La transposition de la nouvelle directive cadre européenne pourrait ainsi proposer un certain nombre d’obligations :
les actions de différenciation des flux transmis devraient être systématiquement publiées et justifiées. Les FAI doivent pouvoir adapter leurs actions de différenciation des flux aux évolutions technologiques, les internautes ayant alors la possibilité de sortir sans frais de leur abonnement si les nouvelles conditions ne leur conviennent pas ;
les exigences minimales en termes de qualité de service fixées par l’ARCEP devraient être établies à travers un travail multi-parties prenantes, incluant les FAI, les fournisseurs de services en ligne et les consommateurs ;
les règles existantes ou renforcées en termes de neutralité physique du Net devraient être réactualisées régulièrement, de manière à prendre en compte les évolutions technologiques.
(liste non exhaustive).
Conclusion
Légiférer de manière spécifique sur la neutralité de l’Internet est encore plus risqué que d’essayer de mettre un couvercle de plusieurs tonnes sur la fuite d’un puits de pétrole sous-marin ! Toute loi ne peut être que de circonstance et risque l’obsolescence à court ou moyen terme du fait des développements technologiques incessants et facilement appropriables.

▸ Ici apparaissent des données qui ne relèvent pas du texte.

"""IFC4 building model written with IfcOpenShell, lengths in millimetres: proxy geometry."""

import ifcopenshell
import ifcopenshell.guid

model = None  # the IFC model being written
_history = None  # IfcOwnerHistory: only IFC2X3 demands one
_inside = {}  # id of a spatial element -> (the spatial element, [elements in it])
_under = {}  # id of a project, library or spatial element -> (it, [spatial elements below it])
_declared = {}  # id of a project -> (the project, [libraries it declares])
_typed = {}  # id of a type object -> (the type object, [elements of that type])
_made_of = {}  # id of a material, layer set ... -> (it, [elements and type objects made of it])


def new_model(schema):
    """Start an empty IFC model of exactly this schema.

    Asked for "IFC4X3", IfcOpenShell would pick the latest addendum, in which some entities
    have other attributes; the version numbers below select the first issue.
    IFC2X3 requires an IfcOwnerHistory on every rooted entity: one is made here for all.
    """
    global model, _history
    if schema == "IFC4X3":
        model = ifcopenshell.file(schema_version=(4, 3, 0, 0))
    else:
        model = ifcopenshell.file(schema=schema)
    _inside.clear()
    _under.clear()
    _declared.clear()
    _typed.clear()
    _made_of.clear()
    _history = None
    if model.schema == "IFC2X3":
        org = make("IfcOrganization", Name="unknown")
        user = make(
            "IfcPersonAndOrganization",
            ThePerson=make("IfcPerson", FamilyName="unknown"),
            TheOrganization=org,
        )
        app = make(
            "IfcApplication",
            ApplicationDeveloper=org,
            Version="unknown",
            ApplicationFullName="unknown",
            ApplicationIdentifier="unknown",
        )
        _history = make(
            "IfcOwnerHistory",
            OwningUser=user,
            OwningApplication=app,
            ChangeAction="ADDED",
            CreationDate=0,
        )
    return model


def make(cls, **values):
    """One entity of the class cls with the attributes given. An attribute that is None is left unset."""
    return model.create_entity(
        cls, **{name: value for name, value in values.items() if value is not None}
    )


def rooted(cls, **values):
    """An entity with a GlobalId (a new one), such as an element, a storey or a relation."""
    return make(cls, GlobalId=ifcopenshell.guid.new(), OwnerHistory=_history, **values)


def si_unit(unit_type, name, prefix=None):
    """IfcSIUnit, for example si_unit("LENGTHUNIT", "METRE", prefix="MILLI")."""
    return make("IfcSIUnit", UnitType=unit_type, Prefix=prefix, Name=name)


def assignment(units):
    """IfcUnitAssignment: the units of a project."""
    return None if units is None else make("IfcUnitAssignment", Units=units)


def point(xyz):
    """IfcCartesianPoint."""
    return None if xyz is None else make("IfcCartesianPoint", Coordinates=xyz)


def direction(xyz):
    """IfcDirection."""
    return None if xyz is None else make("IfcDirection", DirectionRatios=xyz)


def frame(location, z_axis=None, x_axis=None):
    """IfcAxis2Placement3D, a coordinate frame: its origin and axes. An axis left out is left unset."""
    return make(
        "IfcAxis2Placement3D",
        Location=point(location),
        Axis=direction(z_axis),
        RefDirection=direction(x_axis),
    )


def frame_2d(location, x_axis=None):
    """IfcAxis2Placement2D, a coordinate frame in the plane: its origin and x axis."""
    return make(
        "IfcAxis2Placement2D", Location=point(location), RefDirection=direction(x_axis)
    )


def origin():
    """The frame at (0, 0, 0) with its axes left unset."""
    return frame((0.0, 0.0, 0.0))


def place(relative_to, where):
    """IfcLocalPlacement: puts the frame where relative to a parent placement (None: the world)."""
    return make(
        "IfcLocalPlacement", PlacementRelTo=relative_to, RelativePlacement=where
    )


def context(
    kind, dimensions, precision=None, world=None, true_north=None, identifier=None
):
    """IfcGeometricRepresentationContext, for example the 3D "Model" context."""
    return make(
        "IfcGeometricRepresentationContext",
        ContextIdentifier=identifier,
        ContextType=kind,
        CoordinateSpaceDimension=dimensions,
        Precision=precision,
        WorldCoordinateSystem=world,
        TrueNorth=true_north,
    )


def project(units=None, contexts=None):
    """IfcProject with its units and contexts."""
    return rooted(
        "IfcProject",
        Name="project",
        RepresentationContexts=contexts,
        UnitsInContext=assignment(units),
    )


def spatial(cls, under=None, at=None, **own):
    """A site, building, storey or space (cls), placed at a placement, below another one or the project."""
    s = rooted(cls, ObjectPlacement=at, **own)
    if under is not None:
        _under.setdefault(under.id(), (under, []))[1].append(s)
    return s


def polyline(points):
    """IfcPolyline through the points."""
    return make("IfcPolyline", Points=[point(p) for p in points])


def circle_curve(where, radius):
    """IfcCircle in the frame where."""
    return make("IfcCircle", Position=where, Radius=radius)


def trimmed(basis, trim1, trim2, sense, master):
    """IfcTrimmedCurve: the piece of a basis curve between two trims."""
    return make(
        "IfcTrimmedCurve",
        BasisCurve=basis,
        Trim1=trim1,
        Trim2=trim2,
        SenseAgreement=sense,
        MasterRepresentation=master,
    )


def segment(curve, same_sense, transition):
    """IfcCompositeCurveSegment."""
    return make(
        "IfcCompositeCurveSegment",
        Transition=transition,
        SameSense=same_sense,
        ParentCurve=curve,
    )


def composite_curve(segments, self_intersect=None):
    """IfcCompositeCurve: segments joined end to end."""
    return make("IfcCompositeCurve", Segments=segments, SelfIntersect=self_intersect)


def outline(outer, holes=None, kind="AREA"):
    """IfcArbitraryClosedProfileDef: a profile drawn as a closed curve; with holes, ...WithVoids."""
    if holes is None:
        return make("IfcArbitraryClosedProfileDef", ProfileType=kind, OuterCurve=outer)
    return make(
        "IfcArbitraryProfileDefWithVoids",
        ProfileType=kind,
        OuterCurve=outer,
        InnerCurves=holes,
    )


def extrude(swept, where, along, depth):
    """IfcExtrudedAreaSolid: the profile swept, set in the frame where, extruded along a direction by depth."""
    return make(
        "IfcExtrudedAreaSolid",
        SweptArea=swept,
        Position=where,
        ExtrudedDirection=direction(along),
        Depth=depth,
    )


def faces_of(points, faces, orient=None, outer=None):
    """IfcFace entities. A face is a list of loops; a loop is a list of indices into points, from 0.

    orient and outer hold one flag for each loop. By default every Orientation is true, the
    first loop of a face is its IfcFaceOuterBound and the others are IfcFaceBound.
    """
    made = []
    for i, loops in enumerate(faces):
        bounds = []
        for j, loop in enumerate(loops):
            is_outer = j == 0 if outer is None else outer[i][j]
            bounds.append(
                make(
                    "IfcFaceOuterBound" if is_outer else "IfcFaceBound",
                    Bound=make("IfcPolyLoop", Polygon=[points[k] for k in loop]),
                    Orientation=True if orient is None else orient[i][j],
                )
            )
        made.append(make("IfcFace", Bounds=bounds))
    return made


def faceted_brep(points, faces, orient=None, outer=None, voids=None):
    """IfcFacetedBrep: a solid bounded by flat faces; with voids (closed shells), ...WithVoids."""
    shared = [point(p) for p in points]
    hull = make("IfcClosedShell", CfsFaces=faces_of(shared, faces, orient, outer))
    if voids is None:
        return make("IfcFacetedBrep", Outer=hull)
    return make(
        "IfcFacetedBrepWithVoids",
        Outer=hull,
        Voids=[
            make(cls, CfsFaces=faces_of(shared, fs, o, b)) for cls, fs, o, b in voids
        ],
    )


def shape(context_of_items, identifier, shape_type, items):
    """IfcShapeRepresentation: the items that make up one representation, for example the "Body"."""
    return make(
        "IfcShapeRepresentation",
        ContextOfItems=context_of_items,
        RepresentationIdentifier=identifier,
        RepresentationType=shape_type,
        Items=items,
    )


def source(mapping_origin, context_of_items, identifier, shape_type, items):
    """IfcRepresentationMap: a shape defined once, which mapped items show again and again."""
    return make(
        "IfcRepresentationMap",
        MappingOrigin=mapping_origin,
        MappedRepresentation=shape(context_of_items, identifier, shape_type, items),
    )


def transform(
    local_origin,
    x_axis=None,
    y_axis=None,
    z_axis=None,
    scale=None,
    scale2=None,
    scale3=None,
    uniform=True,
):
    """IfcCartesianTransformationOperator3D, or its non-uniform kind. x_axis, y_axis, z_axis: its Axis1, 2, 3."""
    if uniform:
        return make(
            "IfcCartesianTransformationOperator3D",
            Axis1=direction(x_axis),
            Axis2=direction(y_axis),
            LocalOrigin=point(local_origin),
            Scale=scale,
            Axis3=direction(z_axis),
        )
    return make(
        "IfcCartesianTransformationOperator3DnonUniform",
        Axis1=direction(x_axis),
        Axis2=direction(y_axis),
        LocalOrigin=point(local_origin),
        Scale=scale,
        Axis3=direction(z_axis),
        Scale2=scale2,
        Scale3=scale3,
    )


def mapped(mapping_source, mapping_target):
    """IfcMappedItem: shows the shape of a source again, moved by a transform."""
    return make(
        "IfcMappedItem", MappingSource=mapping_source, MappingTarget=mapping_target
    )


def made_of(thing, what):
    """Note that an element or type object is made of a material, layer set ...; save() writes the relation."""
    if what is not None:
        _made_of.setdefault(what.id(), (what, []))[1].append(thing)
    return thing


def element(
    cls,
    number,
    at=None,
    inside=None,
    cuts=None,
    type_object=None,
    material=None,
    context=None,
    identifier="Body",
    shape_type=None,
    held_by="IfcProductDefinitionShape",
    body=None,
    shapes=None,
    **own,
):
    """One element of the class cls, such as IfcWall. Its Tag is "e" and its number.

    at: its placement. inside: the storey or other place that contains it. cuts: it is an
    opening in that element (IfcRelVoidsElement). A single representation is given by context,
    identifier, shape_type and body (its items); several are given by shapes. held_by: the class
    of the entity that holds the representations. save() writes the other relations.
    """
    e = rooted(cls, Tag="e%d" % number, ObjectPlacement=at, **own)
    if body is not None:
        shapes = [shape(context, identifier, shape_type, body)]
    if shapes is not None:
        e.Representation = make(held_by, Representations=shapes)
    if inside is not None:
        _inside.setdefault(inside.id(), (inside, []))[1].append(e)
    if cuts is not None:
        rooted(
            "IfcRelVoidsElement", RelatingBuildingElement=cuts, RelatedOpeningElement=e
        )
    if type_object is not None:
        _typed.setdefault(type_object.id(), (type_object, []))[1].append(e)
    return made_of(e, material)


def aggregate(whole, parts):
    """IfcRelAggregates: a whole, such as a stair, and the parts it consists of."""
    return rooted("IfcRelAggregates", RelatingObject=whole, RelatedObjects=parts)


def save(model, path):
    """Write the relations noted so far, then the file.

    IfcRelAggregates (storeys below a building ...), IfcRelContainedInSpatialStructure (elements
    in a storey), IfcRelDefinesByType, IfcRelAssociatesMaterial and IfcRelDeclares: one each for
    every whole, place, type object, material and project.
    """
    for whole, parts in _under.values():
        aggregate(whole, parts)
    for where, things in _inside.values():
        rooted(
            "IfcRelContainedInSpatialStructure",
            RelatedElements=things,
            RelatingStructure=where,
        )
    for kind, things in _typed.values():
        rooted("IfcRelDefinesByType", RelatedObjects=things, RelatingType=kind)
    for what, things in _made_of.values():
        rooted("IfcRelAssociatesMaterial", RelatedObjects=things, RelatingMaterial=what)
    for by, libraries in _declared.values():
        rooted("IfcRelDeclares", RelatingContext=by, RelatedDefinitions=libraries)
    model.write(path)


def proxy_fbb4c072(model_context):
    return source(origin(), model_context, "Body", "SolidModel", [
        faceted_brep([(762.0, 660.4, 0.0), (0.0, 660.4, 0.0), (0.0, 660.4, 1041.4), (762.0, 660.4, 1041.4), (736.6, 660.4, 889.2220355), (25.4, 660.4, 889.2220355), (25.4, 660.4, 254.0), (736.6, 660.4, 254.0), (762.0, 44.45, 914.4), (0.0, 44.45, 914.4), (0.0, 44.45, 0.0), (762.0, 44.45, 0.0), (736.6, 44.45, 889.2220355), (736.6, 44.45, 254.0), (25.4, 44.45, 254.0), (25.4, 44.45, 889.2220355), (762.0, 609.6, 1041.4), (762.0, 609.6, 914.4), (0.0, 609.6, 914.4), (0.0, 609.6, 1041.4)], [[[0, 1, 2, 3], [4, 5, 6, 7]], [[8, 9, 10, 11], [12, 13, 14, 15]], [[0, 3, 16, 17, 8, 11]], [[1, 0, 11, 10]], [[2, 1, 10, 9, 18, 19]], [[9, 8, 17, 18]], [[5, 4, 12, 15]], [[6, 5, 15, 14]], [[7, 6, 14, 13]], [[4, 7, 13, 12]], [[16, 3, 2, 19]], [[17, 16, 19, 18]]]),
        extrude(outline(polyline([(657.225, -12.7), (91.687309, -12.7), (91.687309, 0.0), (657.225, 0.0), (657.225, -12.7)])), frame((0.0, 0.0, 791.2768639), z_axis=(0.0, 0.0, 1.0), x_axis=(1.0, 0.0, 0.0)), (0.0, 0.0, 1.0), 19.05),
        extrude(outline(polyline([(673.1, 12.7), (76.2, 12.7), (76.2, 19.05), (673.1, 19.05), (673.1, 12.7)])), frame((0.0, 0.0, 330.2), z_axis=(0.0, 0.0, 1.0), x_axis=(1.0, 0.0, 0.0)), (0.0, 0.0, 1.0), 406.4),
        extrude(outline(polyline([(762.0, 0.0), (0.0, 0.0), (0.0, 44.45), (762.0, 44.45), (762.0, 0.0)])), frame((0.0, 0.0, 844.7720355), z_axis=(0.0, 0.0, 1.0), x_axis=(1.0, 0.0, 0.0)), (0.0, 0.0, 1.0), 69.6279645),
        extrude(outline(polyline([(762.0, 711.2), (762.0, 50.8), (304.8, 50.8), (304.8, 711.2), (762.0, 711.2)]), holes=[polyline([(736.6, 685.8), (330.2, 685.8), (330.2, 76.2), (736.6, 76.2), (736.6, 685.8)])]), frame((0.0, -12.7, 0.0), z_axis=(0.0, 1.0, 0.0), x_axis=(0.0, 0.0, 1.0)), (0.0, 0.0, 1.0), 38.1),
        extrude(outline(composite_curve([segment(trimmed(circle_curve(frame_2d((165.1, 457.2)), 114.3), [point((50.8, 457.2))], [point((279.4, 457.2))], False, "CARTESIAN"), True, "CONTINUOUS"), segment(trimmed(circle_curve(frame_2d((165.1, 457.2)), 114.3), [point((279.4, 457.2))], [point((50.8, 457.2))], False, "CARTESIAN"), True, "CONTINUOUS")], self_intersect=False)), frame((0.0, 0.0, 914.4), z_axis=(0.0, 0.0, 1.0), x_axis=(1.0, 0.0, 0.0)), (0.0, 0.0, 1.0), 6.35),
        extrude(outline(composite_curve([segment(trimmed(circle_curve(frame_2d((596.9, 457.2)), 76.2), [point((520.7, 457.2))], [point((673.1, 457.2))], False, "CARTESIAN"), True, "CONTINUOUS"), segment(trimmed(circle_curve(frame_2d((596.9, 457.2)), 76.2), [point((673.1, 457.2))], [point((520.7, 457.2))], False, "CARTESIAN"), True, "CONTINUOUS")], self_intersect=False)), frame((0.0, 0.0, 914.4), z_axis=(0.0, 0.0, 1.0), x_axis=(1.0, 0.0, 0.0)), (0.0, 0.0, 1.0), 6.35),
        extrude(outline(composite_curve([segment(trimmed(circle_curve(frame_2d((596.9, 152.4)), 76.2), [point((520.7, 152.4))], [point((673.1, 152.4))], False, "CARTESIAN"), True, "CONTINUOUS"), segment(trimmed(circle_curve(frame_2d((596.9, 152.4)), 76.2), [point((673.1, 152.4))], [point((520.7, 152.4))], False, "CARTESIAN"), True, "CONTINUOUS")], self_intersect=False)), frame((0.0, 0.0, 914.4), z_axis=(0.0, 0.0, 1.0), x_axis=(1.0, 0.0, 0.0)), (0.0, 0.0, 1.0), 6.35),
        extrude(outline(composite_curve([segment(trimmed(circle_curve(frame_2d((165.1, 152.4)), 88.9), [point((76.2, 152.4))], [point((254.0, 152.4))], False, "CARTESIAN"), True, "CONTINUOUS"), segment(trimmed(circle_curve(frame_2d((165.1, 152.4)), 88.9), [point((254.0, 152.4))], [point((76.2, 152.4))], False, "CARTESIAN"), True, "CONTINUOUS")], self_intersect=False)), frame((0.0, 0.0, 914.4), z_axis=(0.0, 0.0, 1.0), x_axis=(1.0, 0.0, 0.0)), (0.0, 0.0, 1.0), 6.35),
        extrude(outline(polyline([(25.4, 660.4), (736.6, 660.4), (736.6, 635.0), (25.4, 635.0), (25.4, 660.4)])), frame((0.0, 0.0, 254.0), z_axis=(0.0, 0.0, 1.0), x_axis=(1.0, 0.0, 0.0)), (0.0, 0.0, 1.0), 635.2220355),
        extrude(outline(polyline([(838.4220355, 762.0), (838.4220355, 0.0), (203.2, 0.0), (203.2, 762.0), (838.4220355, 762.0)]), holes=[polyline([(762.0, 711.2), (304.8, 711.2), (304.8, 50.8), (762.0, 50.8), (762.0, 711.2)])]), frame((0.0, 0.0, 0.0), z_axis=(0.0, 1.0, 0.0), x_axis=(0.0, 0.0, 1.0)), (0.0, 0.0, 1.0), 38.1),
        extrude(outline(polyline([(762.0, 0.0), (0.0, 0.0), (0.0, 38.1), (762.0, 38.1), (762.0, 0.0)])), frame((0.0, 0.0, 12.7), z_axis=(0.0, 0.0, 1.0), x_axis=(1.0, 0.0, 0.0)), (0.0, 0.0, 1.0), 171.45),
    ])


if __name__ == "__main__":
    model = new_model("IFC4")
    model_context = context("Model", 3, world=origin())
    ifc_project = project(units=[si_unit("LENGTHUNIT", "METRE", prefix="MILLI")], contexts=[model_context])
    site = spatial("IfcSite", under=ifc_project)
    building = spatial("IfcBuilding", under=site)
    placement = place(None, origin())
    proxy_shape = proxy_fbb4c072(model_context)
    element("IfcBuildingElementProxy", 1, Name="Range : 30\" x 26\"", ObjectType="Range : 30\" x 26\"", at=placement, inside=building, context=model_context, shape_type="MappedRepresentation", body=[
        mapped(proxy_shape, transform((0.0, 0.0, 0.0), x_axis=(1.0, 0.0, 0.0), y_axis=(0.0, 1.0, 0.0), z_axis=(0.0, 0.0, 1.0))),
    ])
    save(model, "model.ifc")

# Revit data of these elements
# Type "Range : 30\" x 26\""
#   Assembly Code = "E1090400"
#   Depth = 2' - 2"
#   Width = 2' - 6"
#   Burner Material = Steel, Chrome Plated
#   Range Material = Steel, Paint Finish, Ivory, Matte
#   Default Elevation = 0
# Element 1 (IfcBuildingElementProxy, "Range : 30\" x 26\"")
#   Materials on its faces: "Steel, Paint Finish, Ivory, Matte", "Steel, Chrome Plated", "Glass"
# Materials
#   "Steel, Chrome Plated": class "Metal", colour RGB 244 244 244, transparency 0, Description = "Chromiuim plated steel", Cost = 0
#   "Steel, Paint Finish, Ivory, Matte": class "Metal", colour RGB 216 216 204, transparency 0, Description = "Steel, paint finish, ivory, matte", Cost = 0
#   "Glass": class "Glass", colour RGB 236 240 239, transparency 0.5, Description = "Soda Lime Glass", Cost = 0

Cela ne veut pas dire que toute régulation de l’Internet, dans la perspective de lui donner le statut d’un « bien commun informationnel », est impossible. Mais il est souhaitable et plus efficace de s’en tenir au plan des principes, d’une part, de l’implémentation des règles existantes, d’autre part. Un triple effort d’imagination institutionnelle, de responsabilisation fonctionnelle et de participation démocratique est plus que jamais requis à cette fin.
Parmi les pistes à suivre, nous insistons concrètement sur plusieurs points :
l’élaboration de chartes multi-partenaires précisant les termes de différenciation du trafic (ouverture),
la différenciation du trafic entre classes de service définies a priori et documentée dans les chartes (transparence),
la non-différenciation du trafic entre applications à l’intérieur d’une même classe de service (non-discrimination).